**WHAT NEEDS TO BE DONE**: Gather every line below where "proyecto" appears.

**INFORMATION**:
○ ○ ○ ○ ○ ○ ○

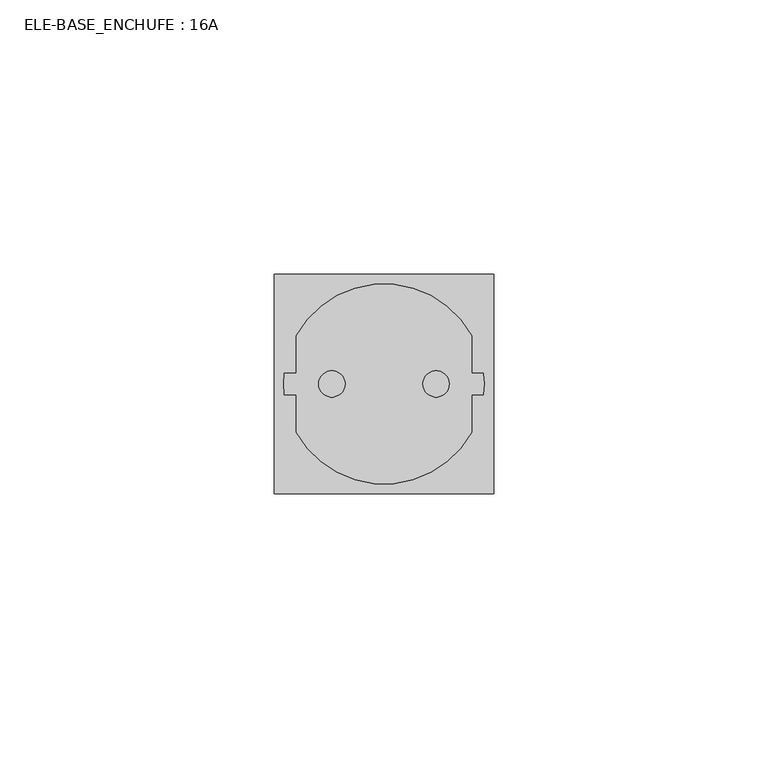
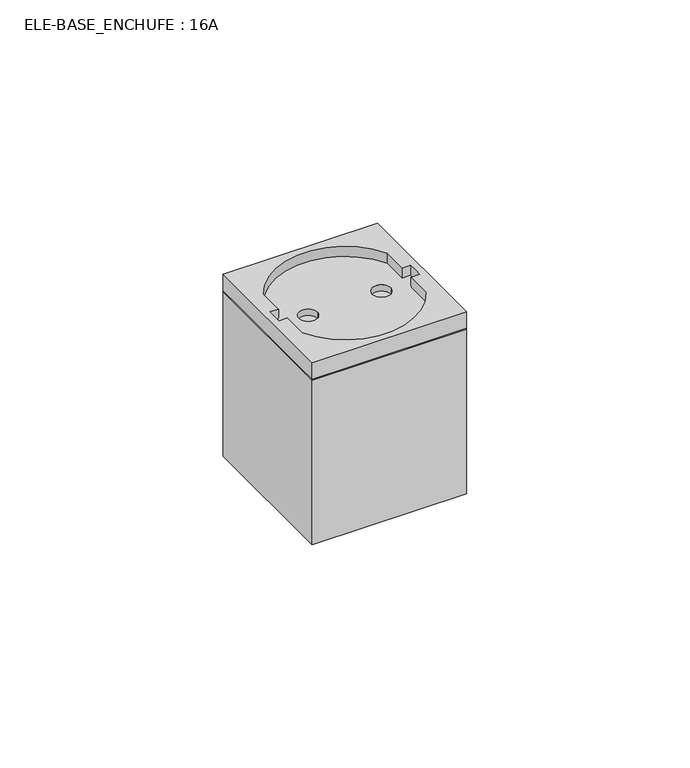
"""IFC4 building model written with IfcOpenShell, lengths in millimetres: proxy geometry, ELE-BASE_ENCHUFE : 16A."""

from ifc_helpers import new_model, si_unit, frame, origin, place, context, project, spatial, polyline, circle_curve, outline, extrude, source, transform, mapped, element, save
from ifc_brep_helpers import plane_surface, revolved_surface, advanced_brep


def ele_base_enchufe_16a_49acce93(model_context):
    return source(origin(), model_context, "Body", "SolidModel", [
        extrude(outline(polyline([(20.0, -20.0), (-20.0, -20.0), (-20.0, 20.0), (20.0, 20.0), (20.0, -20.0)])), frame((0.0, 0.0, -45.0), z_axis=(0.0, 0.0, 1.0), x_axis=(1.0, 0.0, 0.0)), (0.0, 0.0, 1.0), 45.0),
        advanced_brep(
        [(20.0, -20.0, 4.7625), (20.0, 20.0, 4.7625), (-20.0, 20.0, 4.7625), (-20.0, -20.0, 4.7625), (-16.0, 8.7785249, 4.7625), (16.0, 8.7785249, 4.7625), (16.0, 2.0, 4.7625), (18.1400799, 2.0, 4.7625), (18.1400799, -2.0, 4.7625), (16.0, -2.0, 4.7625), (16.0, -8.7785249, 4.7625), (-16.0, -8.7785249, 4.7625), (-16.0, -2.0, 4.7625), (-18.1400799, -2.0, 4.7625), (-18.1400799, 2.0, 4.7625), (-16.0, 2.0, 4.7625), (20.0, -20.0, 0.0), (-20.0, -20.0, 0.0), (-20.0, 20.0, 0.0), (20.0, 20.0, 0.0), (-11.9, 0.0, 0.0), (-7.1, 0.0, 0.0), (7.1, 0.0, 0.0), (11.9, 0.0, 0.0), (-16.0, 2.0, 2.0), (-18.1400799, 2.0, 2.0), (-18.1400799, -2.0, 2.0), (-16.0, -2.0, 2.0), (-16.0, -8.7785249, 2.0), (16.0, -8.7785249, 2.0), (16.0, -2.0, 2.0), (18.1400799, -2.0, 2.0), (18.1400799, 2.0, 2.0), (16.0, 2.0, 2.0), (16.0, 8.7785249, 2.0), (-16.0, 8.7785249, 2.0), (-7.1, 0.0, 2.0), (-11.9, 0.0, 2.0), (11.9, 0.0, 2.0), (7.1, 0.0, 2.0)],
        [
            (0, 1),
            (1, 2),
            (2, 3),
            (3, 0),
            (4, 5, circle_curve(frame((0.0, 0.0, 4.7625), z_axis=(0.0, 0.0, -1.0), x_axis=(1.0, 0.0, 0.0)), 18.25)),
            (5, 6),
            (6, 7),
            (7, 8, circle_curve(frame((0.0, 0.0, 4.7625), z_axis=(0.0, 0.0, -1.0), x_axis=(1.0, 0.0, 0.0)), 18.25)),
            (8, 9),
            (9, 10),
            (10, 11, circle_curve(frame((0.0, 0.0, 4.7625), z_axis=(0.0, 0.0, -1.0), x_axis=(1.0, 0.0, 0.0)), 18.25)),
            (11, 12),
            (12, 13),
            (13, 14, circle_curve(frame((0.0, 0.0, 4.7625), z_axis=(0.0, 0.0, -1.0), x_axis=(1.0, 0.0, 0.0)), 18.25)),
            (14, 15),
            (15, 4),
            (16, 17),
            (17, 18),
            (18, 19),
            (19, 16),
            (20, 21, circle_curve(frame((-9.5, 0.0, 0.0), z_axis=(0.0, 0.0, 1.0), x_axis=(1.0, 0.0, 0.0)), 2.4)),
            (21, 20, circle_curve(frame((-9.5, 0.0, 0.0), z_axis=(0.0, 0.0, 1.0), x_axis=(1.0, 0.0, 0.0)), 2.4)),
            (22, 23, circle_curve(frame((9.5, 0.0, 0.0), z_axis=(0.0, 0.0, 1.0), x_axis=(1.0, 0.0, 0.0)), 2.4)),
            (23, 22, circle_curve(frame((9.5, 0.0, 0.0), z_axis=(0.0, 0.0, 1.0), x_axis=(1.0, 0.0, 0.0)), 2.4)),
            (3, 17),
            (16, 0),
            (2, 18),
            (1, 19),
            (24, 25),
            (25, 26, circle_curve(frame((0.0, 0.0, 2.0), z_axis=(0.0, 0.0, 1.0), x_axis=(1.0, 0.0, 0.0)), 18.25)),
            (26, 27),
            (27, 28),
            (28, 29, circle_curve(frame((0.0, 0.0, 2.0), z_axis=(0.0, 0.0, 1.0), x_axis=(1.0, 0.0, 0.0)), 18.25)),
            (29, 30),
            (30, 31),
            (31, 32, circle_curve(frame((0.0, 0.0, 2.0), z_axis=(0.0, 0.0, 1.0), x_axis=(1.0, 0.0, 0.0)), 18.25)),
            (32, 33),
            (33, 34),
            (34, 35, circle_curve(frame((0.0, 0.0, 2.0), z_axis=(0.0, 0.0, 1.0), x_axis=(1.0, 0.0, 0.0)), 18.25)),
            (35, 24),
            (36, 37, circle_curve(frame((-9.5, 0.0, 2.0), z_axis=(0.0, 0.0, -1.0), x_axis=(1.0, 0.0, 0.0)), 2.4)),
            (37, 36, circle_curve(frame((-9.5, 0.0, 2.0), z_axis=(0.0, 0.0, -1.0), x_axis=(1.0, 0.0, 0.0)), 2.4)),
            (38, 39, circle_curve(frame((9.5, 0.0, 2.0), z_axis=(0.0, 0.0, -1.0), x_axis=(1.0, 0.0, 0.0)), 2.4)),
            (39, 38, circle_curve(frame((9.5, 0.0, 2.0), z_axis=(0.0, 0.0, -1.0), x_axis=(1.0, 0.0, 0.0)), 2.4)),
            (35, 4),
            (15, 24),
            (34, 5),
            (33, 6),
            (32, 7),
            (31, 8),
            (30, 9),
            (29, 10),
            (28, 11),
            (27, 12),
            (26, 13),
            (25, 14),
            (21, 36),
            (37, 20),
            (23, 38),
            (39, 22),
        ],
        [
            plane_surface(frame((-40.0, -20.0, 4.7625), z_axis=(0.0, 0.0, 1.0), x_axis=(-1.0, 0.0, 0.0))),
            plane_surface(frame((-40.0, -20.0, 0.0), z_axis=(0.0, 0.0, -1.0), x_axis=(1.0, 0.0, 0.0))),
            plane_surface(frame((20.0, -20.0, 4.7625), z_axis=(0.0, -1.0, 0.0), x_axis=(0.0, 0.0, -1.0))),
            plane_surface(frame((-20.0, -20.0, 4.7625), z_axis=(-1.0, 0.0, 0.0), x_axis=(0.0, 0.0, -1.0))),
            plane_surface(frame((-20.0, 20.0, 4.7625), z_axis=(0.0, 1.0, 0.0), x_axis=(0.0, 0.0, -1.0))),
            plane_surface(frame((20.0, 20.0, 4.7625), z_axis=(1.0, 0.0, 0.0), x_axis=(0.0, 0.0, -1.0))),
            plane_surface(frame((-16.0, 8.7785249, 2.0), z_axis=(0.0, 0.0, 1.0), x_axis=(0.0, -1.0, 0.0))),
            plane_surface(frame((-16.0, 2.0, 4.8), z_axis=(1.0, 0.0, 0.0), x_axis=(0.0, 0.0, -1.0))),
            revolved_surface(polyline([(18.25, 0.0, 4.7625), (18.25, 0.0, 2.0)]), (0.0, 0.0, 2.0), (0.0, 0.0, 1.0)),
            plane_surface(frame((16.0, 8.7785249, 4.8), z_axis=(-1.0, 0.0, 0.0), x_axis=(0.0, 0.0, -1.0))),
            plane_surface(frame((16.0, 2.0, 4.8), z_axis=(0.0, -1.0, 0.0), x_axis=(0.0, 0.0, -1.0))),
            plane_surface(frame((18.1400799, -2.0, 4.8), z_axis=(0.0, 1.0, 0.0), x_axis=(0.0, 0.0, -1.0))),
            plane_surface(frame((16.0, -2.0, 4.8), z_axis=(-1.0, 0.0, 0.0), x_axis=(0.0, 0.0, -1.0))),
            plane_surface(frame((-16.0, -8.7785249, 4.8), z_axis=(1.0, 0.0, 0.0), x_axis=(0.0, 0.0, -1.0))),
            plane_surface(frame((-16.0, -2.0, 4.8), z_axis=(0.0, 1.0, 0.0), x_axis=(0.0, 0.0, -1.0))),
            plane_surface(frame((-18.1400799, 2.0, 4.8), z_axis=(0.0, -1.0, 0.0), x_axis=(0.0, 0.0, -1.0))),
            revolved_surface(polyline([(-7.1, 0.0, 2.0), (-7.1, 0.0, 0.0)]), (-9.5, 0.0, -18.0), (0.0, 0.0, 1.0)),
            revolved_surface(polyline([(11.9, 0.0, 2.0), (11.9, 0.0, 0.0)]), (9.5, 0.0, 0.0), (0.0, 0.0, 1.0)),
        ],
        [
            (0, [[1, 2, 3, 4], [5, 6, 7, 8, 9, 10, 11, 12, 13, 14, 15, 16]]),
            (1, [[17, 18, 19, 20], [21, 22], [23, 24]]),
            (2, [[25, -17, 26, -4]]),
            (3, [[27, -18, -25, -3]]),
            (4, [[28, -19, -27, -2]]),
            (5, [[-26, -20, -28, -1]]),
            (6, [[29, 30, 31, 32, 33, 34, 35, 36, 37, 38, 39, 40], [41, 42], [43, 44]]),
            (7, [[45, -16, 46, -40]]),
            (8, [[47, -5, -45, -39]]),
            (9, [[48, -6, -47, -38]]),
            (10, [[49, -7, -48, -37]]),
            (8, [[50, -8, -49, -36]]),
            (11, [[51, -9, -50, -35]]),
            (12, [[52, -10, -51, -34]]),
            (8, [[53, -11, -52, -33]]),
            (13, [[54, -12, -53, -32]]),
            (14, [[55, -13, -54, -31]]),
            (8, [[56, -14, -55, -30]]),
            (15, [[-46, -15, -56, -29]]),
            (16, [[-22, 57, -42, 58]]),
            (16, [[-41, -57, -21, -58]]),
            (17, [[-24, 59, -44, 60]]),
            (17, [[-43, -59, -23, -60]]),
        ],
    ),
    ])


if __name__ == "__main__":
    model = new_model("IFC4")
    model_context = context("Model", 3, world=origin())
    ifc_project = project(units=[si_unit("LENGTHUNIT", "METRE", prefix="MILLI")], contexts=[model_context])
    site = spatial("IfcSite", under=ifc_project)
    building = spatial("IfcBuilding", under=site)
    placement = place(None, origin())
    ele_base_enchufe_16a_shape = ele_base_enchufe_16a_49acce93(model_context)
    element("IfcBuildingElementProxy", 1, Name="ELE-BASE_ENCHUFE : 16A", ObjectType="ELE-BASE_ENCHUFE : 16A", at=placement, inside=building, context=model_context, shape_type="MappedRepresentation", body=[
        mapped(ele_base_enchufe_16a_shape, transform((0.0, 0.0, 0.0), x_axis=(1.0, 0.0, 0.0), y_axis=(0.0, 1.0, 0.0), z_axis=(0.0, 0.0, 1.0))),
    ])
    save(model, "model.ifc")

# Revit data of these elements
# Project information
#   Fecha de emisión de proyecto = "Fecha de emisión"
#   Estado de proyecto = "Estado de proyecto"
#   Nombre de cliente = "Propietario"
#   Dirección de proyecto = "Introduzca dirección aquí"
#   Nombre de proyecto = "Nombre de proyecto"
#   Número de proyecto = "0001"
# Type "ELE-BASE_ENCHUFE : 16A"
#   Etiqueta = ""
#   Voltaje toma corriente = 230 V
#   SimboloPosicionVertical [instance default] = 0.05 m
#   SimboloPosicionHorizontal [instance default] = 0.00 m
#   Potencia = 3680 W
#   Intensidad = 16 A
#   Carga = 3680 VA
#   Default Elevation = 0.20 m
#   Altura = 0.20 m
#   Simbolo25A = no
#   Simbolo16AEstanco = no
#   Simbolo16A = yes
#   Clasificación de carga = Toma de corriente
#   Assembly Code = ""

○ ○ ○ ○ ○ ○ ○

**TASK OUTPUT**:
#   Fecha de emisión de proyecto = "Fecha de emisión"
#   Estado de proyecto = "Estado de proyecto"
#   Dirección de proyecto = "Introduzca dirección aquí"
#   Nombre de proyecto = "Nombre de proyecto"
#   Número de proyecto = "0001"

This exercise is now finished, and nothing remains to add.